A riveting account of how the Nazi Party came to power and how the failures of the Weimar Republic and the shortsightedness of German politicians allowed it to happen Why did democracy fall apart so quickly and completely in Germany in the 1930s? How did a democratic government allow Adolf Hitler to seize power? In The Death of Democracy, Benjamin Carter Hett answers these questions, and the story he tells has disturbing resonances for our own time. To say that Hitler was elected is too simple. He would never have come to power if Germany's leading politicians had not responded to a spate of populist insurgencies by trying to co-opt him, a strategy that backed them into a corner from which the only way out was to bring the Nazis in. Hett lays bare the misguided confidence of conservative politicians who believed that Hitler and his followers would willingly support them, not recognizing that their efforts to use the Nazis actually played into Hitler's hands. They had willingly given him the tools to turn Germany into a vicious dictatorship. Benjamin Carter Hett is a leading scholar of twentieth-century Germany and a gifted storyteller whose portraits of these feckless politicans show how fragile democracy can be when those in power do not respect it. He offers a powerful lesson for today, when democracy once again finds itself embattled and the siren song of strongmen sounds ever louder.

Eva Braun

Author : Heike B. Gortemaker
Publisher : Vintage
Page : 338 pages
File Size : 54,7 Mb
Release : 2012-12-11
Category : Biography & Autobiography
ISBN : 9780307742605

Get Book

Eva Braun by Heike B. Gortemaker Pdf

From one of Germany’s leading young historians, the first comprehensive biography of Eva Braun, Hitler’s devoted mistress, finally wife, and the hidden First Lady of the Third Reich. In this groundbreaking biography of Eva Braun, German historian Heike Görtemaker reveals Hitler’s mistress as more than just a vapid blonde whose concerns never extended beyond her vanity table. Twenty-three years his junior, Braun first met Hitler when she took a position as an assistant to his personal photographer.
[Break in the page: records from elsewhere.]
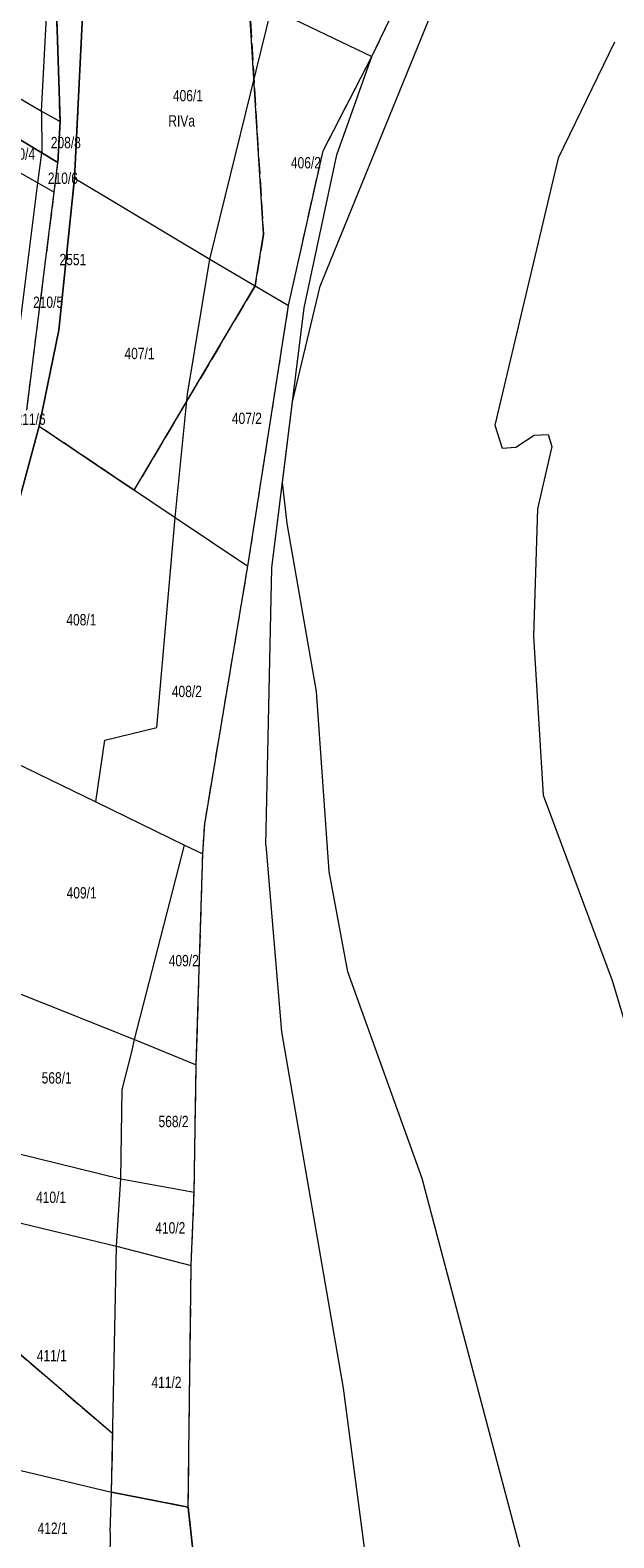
# Model space of a CAD drawing. Header units: metres. Extents: x 7496145 to 7500200, y 5498500 to 5502080.
# Tile 119 of 202: x 7497683 to 7497760, y 5501251 to 5501450. Entities that reach past the tile are written whole.
import ezdxf
from ezdxf.enums import TextEntityAlignment as Align

# ---------------------------------------------------------------- set-up
doc = ezdxf.new("R2010")
doc.units = ezdxf.units.M
doc.header["$MEASUREMENT"] = 0
for name, pattern in [('2.25_0.75', [3, 2.25, -0.75]), ('219-1000', [0]), ('egug-1000', [0])]:
    doc.linetypes.add(name, pattern=pattern)
for name, color, linetype in [('209-oznaczenie konturu klasyfikacyjnego', 7, 'CONTINUOUS'), ('211-numer działki ewidencyjnej', 7, 'CONTINUOUS'), ('217-kontur klasyfikacyjny', 7, 'CONTINUOUS'), ('218-kontur użytku gruntowego', 7, 'CONTINUOUS'), ('219-działka ewidencyjna', 7, 'CONTINUOUS')]:
    doc.layers.add(name, color=color, linetype=linetype)
doc.styles.get("Standard").update_dxf_attribs({"font": 'Working1250', "width": 0.75})

msp = doc.modelspace()

# ---------------------------------------------------------------- linework, layer by layer
at = {"layer": '217-kontur klasyfikacyjny', "color": 3, "linetype": '2.25_0.75', "lineweight": 18, "flags": 128}
for points in [[(7497727.81, 5501446.71), (7497743.33, 5501479.02)], [(7497686.62, 5501438.11), (7497685.64, 5501467.78)], [(7497690.18, 5501464.61), (7497688.5, 5501430.63)], [(7497711.56, 5501454.44), (7497713.46, 5501423.22)], [(7497721.34, 5501434.22), (7497727.81, 5501446.71)], [(7497684.17, 5501433.96), (7497675.62, 5501439.13)], [(7497686.31, 5501432.67), (7497686.62, 5501438.11)], [(7497686.31, 5501432.67), (7497684.17, 5501433.96)], [(7497716.78, 5501413.78), (7497721.34, 5501434.22)], [(7497685.84, 5501428.76), (7497686.31, 5501432.67)], [(7497688.5, 5501430.63), (7497686.42, 5501410.52)], [(7497682.2, 5501399.97), (7497685.84, 5501428.76)], [(7497713.46, 5501423.22), (7497712.37, 5501416.39)], [(7497712.37, 5501416.39), (7497696.38, 5501389.42)], [(7497711.41, 5501379.35), (7497716.78, 5501413.78)], [(7497686.42, 5501410.52), (7497683.82, 5501397.84)], [(7497683.82, 5501397.84), (7497673.43, 5501359.46)], [(7497696.38, 5501389.42), (7497683.82, 5501397.84)], [(7497705.71, 5501345.31), (7497711.41, 5501379.35)], [(7497705.46, 5501341.36), (7497705.71, 5501345.31)], [(7497704.6, 5501313.48), (7497705.46, 5501341.36)], [(7497704.31, 5501296.68), (7497704.6, 5501313.48)], [(7497703.93, 5501287), (7497704.31, 5501296.68)], [(7497703.53, 5501255.05), (7497703.93, 5501287)], [(7497693.56, 5501264.73), (7497673.45, 5501281.97)], [(7497693.41, 5501257.03), (7497693.56, 5501264.73)], [(7497703.53, 5501255.05), (7497693.41, 5501257.03)], [(7497704.93, 5501242.18), (7497703.53, 5501255.05)]]:
    msp.add_lwpolyline(points, dxfattribs=at)
at = {"layer": '218-kontur użytku gruntowego', "color": 3, "linetype": 'egug-1000', "lineweight": 18, "flags": 128}
for points in [[(7497727.81, 5501446.71), (7497743.33, 5501479.02)], [(7497686.62, 5501438.11), (7497685.64, 5501467.78)], [(7497690.18, 5501464.61), (7497688.5, 5501430.63)], [(7497720.95, 5501416.36), (7497738.4, 5501459.14)], [(7497713.46, 5501423.22), (7497711.56, 5501454.44)], [(7497759.83, 5501448.57), (7497752.41, 5501433.26)], [(7497721.34, 5501434.22), (7497727.81, 5501446.71)], [(7497684.17, 5501433.96), (7497675.62, 5501439.13)], [(7497686.31, 5501432.67), (7497686.62, 5501438.11)], [(7497686.31, 5501432.67), (7497684.17, 5501433.96)], [(7497716.78, 5501413.78), (7497721.34, 5501434.22)], [(7497685.84, 5501428.76), (7497686.31, 5501432.67)], [(7497752.41, 5501433.26), (7497744.02, 5501398.01)], [(7497688.5, 5501430.63), (7497686.42, 5501410.52)], [(7497682.2, 5501399.97), (7497685.84, 5501428.76)], [(7497712.37, 5501416.39), (7497713.46, 5501423.22)], [(7497696.38, 5501389.42), (7497712.37, 5501416.39)], [(7497717.33, 5501401.09), (7497720.95, 5501416.36)], [(7497711.41, 5501379.35), (7497716.78, 5501413.78)], [(7497686.42, 5501410.52), (7497683.82, 5501397.84)], [(7497716, 5501390.43), (7497717.33, 5501401.09)], [(7497744.02, 5501398.01), (7497744.99, 5501394.94)], [(7497683.82, 5501397.84), (7497673.43, 5501359.46)], [(7497683.82, 5501397.84), (7497696.38, 5501389.42)], [(7497746.83, 5501395.08), (7497749.23, 5501396.68)], [(7497749.23, 5501396.68), (7497751.1, 5501396.75)], [(7497751.1, 5501396.75), (7497751.56, 5501395.16)], [(7497744.99, 5501394.94), (7497746.83, 5501395.08)], [(7497751.56, 5501395.16), (7497749.68, 5501386.95)], [(7497716.59, 5501385.02), (7497716, 5501390.43)], [(7497749.68, 5501386.95), (7497749.16, 5501370.11)], [(7497720.5, 5501362.82), (7497716.59, 5501385.02)], [(7497705.71, 5501345.31), (7497711.41, 5501379.35)], [(7497749.16, 5501370.11), (7497750.43, 5501349.11)], [(7497722.16, 5501339.02), (7497720.5, 5501362.82)], [(7497750.43, 5501349.11), (7497759.53, 5501324.62)], [(7497705.46, 5501341.36), (7497705.71, 5501345.31)], [(7497704.6, 5501313.48), (7497705.46, 5501341.36)], [(7497724.62, 5501325.77), (7497722.16, 5501339.02)], [(7497734.44, 5501298.48), (7497724.62, 5501325.77)], [(7497759.53, 5501324.62), (7497767.05, 5501299.7)], [(7497704.31, 5501296.68), (7497704.6, 5501313.48)], [(7497749.03, 5501243.45), (7497734.44, 5501298.48)], [(7497703.93, 5501287), (7497704.31, 5501296.68)], [(7497703.53, 5501255.05), (7497703.93, 5501287)], [(7497693.56, 5501264.73), (7497673.45, 5501281.97)], [(7497693.41, 5501257.03), (7497693.56, 5501264.73)], [(7497703.53, 5501255.05), (7497693.41, 5501257.03)], [(7497704.93, 5501242.18), (7497703.53, 5501255.05)]]:
    msp.add_lwpolyline(points, dxfattribs=at)
at = {"layer": '219-działka ewidencyjna', "color": 3, "linetype": '219-1000', "lineweight": 18, "flags": 128}
for points in [[(7497727.81, 5501446.71), (7497743.33, 5501479.02)], [(7497727.81, 5501446.71), (7497743.33, 5501479.02)], [(7497684.13, 5501439.47), (7497685.64, 5501467.78)], [(7497685.64, 5501467.78), (7497686.62, 5501438.11)], [(7497637.22, 5501467.18), (7497684.13, 5501439.47)], [(7497688.5, 5501430.63), (7497690.18, 5501464.61)], [(7497706.39, 5501419.93), (7497714.52, 5501453.03)], [(7497714.52, 5501453.03), (7497727.81, 5501446.71)], [(7497721.34, 5501434.22), (7497727.81, 5501446.71)], [(7497723.15, 5501433.7), (7497727.81, 5501446.71)], [(7497723.15, 5501433.7), (7497727.81, 5501446.71)], [(7497675.62, 5501439.13), (7497684.17, 5501433.96)], [(7497684.13, 5501439.47), (7497686.62, 5501438.11)], [(7497684.13, 5501439.47), (7497684.17, 5501433.96)], [(7497686.62, 5501438.11), (7497686.31, 5501432.67)], [(7497674.48, 5501435.2), (7497683.67, 5501429.99)], [(7497683.67, 5501429.99), (7497684.17, 5501433.96)], [(7497684.17, 5501433.96), (7497686.31, 5501432.67)], [(7497716.78, 5501413.78), (7497721.34, 5501434.22)], [(7497685.84, 5501428.76), (7497686.31, 5501432.67)], [(7497718.87, 5501413.49), (7497723.15, 5501433.7)], [(7497718.87, 5501413.49), (7497723.15, 5501433.7)], [(7497680.21, 5501402.51), (7497683.67, 5501429.99)], [(7497683.67, 5501429.99), (7497685.84, 5501428.76)], [(7497686.42, 5501410.52), (7497688.5, 5501430.63)], [(7497688.5, 5501430.63), (7497706.39, 5501419.93)], [(7497682.2, 5501399.97), (7497685.84, 5501428.76)], [(7497703.45, 5501402.07), (7497706.39, 5501419.93)], [(7497706.39, 5501419.93), (7497716.78, 5501413.78)], [(7497711.41, 5501379.35), (7497716.78, 5501413.78)], [(7497714.6, 5501379.13), (7497718.87, 5501413.49)], [(7497714.6, 5501379.13), (7497718.87, 5501413.49)], [(7497683.82, 5501397.84), (7497686.42, 5501410.52)], [(7497701.81, 5501385.78), (7497703.45, 5501402.07)], [(7497673.43, 5501359.46), (7497683.82, 5501397.84)], [(7497683.82, 5501397.84), (7497701.81, 5501385.78)], [(7497699.37, 5501358.04), (7497701.81, 5501385.78)], [(7497701.81, 5501385.78), (7497711.41, 5501379.35)], [(7497705.71, 5501345.31), (7497711.41, 5501379.35)], [(7497713.77, 5501342.53), (7497714.6, 5501379.13)], [(7497713.77, 5501342.53), (7497714.6, 5501379.13)], [(7497673.05, 5501357.1), (7497691.33, 5501348.23)], [(7497691.33, 5501348.23), (7497692.51, 5501356.38)], [(7497692.51, 5501356.38), (7497699.37, 5501358.04)], [(7497691.33, 5501348.23), (7497703.04, 5501342.53)], [(7497705.46, 5501341.36), (7497705.71, 5501345.31)], [(7497696.45, 5501316.83), (7497703.04, 5501342.53)], [(7497703.04, 5501342.53), (7497705.46, 5501341.36)], [(7497713.77, 5501342.53), (7497715.87, 5501317.87)], [(7497713.77, 5501342.53), (7497715.87, 5501317.87)], [(7497704.6, 5501313.48), (7497705.46, 5501341.36)], [(7497671.89, 5501326.62), (7497696.45, 5501316.83)], [(7497696.03, 5501315.02), (7497696.45, 5501316.83)], [(7497696.45, 5501316.83), (7497704.6, 5501313.48)], [(7497715.87, 5501317.87), (7497723.99, 5501270.78)], [(7497715.87, 5501317.87), (7497723.99, 5501270.78)], [(7497694.8, 5501310.23), (7497696.03, 5501315.02)], [(7497704.31, 5501296.68), (7497704.6, 5501313.48)], [(7497694.62, 5501298.42), (7497694.8, 5501310.23)], [(7497672.23, 5501303.94), (7497694.62, 5501298.42)], [(7497694.05, 5501289.55), (7497694.62, 5501298.42)], [(7497694.62, 5501298.42), (7497704.31, 5501296.68)], [(7497703.93, 5501287), (7497704.31, 5501296.68)], [(7497672.99, 5501294.6), (7497694.05, 5501289.55)], [(7497693.41, 5501257.03), (7497694.05, 5501289.55)], [(7497694.05, 5501289.55), (7497703.93, 5501287)], [(7497703.53, 5501255.05), (7497703.93, 5501287)], [(7497723.99, 5501270.78), (7497727.84, 5501241.67)], [(7497723.99, 5501270.78), (7497727.84, 5501241.67)], [(7497674.19, 5501261.61), (7497693.41, 5501257.03)], [(7497693.22, 5501251.76), (7497693.41, 5501257.03)], [(7497693.41, 5501257.03), (7497703.53, 5501255.05)], [(7497703.53, 5501255.05), (7497704.93, 5501242.18)], [(7497693.22, 5501251.76), (7497693.11, 5501244.45)]]:
    msp.add_lwpolyline(points, dxfattribs=at)

# ---------------------------------------------------------------- texts
at = {"layer": '209-oznaczenie konturu klasyfikacyjnego', "color": 3, "linetype": 'Continuous', "lineweight": 18, "width": 0.79}
msp.add_text('RIVa', height=1.5, dxfattribs=at).set_placement((7497700.9, 5501437.44))
at = {"layer": '211-numer działki ewidencyjnej', "color": 3, "linetype": 'Continuous', "lineweight": 18, "width": 0.79}
for s, p in [('406/1', (7497701.51, 5501442.27)), ('208/8', (7497685.38, 5501436.07)), ('210/4', (7497679.33, 5501434.56)), ('406/2', (7497717.1, 5501433.41)), ('210/6', (7497684.99, 5501431.36)), ('2551', (7497686.53, 5501420.62)), ('210/5', (7497683.03, 5501414.98)), ('407/1', (7497695.11, 5501408.21)), ('211/6', (7497680.72, 5501399.53)), ('407/2', (7497709.3, 5501399.64)), ('408/1', (7497687.43, 5501373.04)), ('408/2', (7497701.37, 5501363.57)), ('409/1', (7497687.47, 5501336.97)), ('409/2', (7497700.96, 5501328.01)), ('568/1', (7497684.17, 5501312.52)), ('568/2', (7497699.61, 5501306.76)), ('410/1', (7497683.43, 5501296.75)), ('410/2', (7497699.18, 5501292.71)), ('411/1', (7497683.52, 5501275.82)), ('411/2', (7497698.67, 5501272.3)), ('412/1', (7497683.63, 5501253.03))]:
    msp.add_text(s, height=1.5, dxfattribs=at).set_placement(p, align=Align.TOP_LEFT)

doc.saveas('drawing.dxf')

Capricious, but uncompromising and fiercely loyal—she married Hitler two days before committing suicide with him in Berlin in 1945—her identity was kept secret by the Third Reich until the final days of the war. Through exhaustive research, newly discovered documentation, and anecdotal accounts, Görtemaker turns preconceptions about Eva Braun and Hitler on their head, and builds a portrait of the little-known Hitler far from the public eye.

1933

Author : Philip Metcalfe
Publisher : Open Road Media
Page : 481 pages
File Size : 55,9 Mb
Release : 2016-04-26
Category : History
ISBN : 9781504033602

Get Book

1933 by Philip Metcalfe Pdf

“Using letters, diaries, and memoirs, Metcalfe distills the personalities, viewpoints, and day-to-day reactions of five alert and often directly involved witnesses to Hitler’s consolidation of power. They are: U.S. Ambassador to Germany, William Dodd, and his high-spirited daughter, Martha; Bella Fromm, a glamorous German society columnist who was Jewish and made no secret of it; Ernest Hanfstaengl, Hitler’s somewhat buffoonish foreign-press chief; and Rudolf Diels, the first head of the Gestapo.” —Publishers Weekly

Hitler's Berlin

Author : Thomas Friedrich
Publisher : Yale University Press
Page : 514 pages
File Size : 53,9 Mb
Release : 2012-07-10
Category : History
ISBN : 9780300166705

Get Book

Hitler's Berlin by Thomas Friedrich Pdf

A leading expert on the 20th-century history of Berlin, employing new and little-known German sources to track Hitler's attitudes and plans for the city, presents a fascinating new account of Hitler's relationship with Berlin, a place filled with grandiose architecture and imperial ideals, which he used as a platform for his political agenda.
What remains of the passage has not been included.